Aim of the exercise -
Collect all lines from the listing that include the string "Drawn".

Task material -
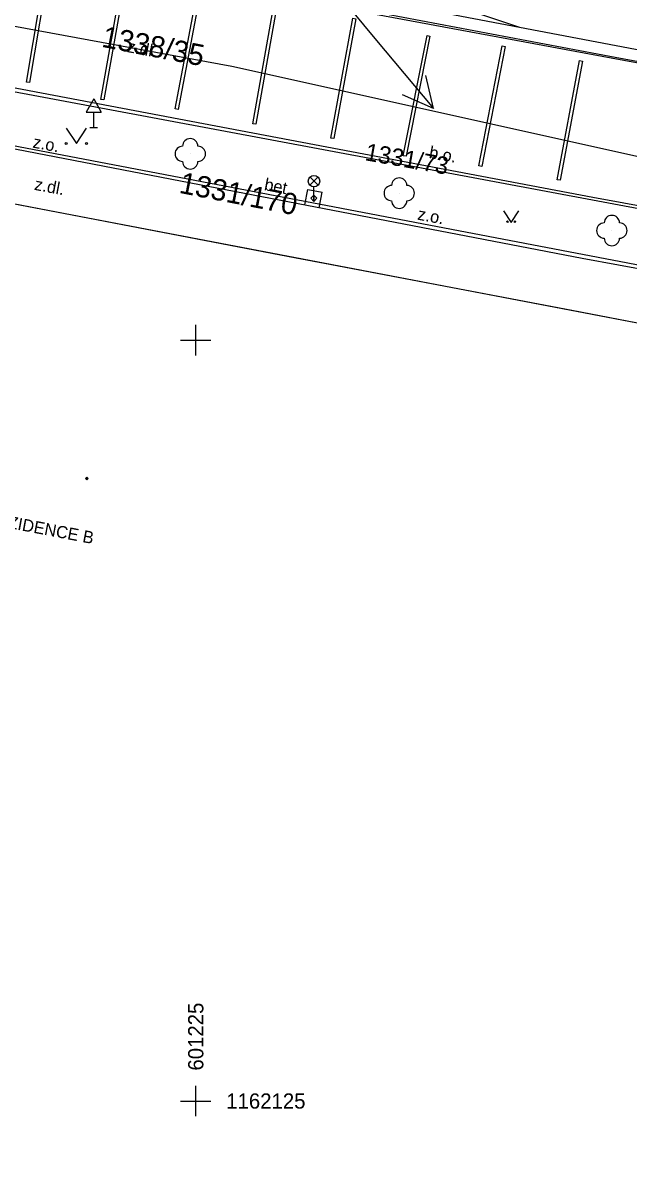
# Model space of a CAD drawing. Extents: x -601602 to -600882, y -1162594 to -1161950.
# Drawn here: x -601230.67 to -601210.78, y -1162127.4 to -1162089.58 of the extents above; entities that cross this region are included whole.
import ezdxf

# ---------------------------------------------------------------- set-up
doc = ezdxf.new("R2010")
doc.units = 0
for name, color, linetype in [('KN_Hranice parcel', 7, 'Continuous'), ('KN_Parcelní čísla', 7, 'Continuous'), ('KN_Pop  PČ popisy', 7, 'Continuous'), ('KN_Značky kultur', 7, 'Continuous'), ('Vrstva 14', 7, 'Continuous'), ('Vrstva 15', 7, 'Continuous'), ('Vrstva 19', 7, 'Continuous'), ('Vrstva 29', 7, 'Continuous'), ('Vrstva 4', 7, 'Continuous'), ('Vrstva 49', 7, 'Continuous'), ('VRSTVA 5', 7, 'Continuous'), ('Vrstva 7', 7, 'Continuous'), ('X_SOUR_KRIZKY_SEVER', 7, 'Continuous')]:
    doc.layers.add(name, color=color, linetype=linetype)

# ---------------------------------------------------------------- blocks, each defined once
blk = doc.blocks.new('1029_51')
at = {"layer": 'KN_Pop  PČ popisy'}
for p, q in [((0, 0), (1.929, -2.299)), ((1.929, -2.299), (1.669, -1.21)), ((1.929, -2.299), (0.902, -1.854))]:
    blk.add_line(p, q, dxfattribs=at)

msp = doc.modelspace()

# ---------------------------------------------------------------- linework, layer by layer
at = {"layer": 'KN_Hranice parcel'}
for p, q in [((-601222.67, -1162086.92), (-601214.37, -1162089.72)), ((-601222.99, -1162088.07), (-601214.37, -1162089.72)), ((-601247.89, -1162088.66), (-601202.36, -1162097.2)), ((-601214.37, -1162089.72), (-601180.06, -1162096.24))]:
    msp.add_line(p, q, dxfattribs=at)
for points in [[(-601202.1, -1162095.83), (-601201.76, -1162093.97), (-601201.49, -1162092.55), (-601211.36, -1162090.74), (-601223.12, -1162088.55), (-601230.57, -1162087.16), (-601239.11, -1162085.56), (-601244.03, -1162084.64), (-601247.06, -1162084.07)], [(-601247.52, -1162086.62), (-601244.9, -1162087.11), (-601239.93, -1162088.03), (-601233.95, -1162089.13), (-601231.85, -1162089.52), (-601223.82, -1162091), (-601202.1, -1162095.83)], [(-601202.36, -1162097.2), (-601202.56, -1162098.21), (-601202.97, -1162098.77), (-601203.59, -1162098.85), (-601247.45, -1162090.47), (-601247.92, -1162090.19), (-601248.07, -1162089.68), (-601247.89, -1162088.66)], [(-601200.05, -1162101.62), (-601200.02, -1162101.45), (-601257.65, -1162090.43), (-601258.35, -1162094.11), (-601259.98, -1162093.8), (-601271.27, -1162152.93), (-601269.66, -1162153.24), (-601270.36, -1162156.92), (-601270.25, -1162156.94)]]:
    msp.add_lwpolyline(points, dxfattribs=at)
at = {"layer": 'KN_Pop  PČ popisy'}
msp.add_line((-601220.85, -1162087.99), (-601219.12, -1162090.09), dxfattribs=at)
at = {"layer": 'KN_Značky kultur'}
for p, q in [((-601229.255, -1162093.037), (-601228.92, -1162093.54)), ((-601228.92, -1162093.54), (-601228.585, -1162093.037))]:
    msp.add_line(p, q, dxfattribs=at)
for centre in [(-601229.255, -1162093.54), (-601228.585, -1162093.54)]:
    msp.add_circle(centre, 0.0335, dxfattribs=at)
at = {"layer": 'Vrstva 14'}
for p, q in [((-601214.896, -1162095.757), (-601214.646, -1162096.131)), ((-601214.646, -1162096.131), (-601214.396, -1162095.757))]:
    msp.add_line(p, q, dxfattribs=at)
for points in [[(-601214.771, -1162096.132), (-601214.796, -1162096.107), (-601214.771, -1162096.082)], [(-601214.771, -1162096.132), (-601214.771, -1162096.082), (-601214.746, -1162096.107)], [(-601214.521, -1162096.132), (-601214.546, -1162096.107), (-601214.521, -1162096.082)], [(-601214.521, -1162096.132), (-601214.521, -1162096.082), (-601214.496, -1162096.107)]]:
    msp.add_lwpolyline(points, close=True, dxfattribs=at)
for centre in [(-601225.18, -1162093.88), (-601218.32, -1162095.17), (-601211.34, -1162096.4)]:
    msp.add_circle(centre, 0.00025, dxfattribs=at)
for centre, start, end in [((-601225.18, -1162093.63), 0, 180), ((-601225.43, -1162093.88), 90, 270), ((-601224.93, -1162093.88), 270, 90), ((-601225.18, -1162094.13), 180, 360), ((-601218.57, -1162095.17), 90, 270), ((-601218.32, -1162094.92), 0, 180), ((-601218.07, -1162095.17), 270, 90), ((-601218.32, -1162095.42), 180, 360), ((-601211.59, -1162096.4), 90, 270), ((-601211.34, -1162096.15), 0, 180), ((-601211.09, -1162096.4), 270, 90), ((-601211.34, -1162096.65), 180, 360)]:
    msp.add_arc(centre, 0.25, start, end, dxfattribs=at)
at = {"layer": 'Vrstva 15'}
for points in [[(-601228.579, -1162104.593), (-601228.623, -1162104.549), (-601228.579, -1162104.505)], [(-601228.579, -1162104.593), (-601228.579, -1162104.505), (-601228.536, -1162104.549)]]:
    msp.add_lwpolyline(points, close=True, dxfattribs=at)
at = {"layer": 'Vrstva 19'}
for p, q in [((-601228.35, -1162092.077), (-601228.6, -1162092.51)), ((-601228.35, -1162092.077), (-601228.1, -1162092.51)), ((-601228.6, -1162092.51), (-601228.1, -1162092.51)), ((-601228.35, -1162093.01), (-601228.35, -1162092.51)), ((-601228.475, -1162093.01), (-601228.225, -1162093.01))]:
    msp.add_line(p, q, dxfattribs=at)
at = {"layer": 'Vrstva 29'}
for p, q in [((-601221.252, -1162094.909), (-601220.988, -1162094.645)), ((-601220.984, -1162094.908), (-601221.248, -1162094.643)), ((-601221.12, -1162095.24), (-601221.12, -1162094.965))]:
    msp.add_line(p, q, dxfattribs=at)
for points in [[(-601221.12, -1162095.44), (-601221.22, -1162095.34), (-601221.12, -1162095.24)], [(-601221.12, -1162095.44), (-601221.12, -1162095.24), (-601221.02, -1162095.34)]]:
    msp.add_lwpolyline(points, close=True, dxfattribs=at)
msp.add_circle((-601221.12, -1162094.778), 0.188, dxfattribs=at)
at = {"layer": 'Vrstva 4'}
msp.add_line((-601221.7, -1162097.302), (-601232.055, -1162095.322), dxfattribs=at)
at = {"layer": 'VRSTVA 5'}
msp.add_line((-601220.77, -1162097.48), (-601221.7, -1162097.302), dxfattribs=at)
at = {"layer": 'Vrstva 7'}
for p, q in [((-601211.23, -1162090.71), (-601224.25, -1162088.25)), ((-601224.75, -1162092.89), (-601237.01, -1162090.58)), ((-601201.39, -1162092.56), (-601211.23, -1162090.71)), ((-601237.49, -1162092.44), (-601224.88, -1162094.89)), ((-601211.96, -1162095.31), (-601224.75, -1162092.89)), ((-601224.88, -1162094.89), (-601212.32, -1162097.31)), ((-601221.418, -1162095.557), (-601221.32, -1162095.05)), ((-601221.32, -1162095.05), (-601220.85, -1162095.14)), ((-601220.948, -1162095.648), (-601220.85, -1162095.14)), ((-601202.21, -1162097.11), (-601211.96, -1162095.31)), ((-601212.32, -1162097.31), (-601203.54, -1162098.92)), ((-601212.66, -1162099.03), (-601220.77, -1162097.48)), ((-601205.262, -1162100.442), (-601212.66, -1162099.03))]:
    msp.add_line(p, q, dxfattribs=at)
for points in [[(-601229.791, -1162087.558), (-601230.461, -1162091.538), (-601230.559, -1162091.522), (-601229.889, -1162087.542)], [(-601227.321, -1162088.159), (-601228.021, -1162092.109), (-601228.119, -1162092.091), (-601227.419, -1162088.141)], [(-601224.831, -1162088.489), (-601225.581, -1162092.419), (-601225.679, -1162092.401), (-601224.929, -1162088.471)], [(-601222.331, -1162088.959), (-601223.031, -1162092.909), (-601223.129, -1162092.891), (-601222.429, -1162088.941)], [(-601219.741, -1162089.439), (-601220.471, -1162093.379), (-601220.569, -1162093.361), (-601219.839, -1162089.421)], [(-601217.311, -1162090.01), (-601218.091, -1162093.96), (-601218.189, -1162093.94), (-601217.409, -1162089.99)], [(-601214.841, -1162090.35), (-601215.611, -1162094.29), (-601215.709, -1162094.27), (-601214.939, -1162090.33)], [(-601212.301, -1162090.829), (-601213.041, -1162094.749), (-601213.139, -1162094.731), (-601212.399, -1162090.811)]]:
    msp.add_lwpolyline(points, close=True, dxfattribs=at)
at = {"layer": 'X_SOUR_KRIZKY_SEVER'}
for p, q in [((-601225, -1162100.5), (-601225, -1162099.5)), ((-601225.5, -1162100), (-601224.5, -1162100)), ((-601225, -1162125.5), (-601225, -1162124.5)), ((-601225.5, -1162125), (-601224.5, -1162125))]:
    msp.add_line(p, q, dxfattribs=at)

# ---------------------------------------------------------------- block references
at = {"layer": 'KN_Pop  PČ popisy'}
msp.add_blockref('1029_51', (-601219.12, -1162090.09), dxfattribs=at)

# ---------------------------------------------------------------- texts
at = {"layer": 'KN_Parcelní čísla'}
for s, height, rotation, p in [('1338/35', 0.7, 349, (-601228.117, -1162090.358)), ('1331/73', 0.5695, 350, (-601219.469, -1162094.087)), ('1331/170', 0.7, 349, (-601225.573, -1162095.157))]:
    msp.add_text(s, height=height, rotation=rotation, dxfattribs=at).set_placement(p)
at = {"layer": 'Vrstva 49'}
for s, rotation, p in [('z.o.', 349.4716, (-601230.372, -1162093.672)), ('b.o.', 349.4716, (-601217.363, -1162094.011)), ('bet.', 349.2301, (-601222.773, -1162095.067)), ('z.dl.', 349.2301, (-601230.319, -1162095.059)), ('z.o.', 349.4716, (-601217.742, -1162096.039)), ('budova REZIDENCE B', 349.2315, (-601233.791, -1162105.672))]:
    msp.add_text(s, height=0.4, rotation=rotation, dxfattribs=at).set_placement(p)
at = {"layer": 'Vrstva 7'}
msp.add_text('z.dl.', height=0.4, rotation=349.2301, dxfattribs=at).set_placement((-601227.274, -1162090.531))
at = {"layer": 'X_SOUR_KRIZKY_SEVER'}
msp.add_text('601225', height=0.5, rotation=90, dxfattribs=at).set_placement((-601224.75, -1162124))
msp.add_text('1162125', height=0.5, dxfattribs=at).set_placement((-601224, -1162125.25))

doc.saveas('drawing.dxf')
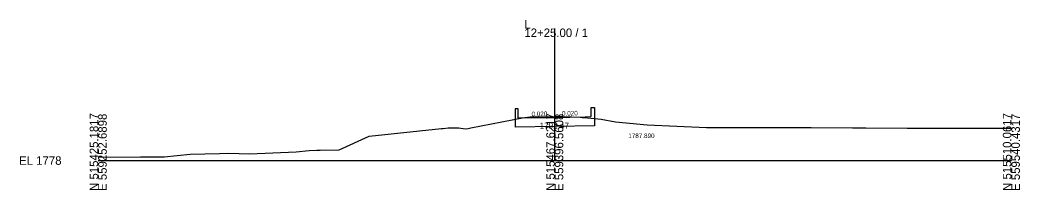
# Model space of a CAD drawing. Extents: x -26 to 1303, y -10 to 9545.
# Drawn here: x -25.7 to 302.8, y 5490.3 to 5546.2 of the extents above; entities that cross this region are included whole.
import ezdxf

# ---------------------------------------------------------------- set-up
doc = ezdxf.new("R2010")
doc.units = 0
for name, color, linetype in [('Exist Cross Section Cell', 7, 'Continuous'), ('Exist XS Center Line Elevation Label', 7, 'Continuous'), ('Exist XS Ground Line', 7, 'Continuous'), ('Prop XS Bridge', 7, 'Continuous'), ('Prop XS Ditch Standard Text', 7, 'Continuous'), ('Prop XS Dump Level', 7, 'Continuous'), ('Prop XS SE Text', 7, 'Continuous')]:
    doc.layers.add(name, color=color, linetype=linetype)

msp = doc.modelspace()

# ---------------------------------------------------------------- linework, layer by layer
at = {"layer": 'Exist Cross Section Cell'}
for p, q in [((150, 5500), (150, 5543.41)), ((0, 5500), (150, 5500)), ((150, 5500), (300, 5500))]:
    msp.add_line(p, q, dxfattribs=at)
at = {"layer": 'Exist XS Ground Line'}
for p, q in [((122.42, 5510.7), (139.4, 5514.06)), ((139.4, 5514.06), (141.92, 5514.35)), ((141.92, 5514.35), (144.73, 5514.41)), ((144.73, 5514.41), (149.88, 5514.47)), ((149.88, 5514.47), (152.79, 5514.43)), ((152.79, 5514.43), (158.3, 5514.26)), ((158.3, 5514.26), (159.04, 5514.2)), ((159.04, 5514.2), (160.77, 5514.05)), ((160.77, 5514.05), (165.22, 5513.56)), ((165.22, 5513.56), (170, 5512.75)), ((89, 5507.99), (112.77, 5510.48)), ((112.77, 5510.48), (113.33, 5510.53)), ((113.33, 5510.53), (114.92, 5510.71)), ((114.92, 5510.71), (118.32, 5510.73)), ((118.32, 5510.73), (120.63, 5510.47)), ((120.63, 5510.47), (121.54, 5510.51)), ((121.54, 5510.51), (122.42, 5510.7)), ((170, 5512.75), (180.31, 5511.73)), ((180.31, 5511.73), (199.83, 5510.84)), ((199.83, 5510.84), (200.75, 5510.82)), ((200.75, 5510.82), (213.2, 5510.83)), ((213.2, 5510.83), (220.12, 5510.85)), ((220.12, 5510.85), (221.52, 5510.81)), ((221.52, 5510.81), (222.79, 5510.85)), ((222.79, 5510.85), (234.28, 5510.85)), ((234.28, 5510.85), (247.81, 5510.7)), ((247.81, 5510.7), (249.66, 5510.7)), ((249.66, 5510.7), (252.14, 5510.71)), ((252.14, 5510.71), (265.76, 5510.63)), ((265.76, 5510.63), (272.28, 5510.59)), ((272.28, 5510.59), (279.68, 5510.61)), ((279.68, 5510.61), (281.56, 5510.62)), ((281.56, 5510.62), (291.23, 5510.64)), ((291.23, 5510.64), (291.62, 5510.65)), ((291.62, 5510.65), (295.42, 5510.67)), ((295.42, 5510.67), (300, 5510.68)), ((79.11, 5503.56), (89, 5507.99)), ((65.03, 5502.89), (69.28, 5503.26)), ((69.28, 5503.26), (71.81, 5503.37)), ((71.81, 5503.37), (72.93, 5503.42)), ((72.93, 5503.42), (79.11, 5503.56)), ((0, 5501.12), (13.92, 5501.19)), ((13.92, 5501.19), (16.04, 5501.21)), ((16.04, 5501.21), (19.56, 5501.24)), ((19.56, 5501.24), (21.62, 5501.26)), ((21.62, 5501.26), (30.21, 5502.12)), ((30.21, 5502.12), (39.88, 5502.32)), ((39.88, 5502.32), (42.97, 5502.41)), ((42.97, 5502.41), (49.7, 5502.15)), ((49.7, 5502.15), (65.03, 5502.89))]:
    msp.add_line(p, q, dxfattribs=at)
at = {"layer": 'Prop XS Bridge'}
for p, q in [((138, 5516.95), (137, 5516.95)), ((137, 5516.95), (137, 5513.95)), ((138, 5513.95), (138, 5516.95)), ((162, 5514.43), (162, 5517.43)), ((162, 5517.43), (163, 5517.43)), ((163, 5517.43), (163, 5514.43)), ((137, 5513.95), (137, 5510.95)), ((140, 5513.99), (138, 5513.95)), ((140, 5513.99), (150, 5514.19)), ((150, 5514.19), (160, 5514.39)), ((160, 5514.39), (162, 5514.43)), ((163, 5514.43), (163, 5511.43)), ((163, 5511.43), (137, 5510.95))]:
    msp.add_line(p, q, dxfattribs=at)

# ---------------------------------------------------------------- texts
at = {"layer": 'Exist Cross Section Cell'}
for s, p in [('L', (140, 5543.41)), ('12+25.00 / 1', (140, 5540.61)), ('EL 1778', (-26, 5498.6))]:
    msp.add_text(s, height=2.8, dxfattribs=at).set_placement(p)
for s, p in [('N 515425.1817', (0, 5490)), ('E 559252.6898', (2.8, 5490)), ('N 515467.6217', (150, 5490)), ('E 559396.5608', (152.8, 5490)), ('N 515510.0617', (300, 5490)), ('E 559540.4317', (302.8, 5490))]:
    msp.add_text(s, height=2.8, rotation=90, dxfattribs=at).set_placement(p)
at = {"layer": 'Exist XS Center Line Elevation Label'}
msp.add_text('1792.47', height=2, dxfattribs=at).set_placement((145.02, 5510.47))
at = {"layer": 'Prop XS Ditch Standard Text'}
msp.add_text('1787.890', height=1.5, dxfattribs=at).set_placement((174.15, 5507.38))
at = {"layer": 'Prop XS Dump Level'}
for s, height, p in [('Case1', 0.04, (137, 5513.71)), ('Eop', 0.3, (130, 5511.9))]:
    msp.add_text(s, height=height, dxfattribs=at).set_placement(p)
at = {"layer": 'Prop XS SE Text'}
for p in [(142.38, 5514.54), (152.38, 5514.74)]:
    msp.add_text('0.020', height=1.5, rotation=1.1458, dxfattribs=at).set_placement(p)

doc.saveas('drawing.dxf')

Exercise solution -
# Drawn here: x -601230.67 to -601210.78, y -1162127.4 to -1162089.58 of the extents above; entities that cross this region are included whole.
# Drawn here: x -25.7 to 302.8, y 5490.3 to 5546.2 of the extents above; entities that cross this region are included whole.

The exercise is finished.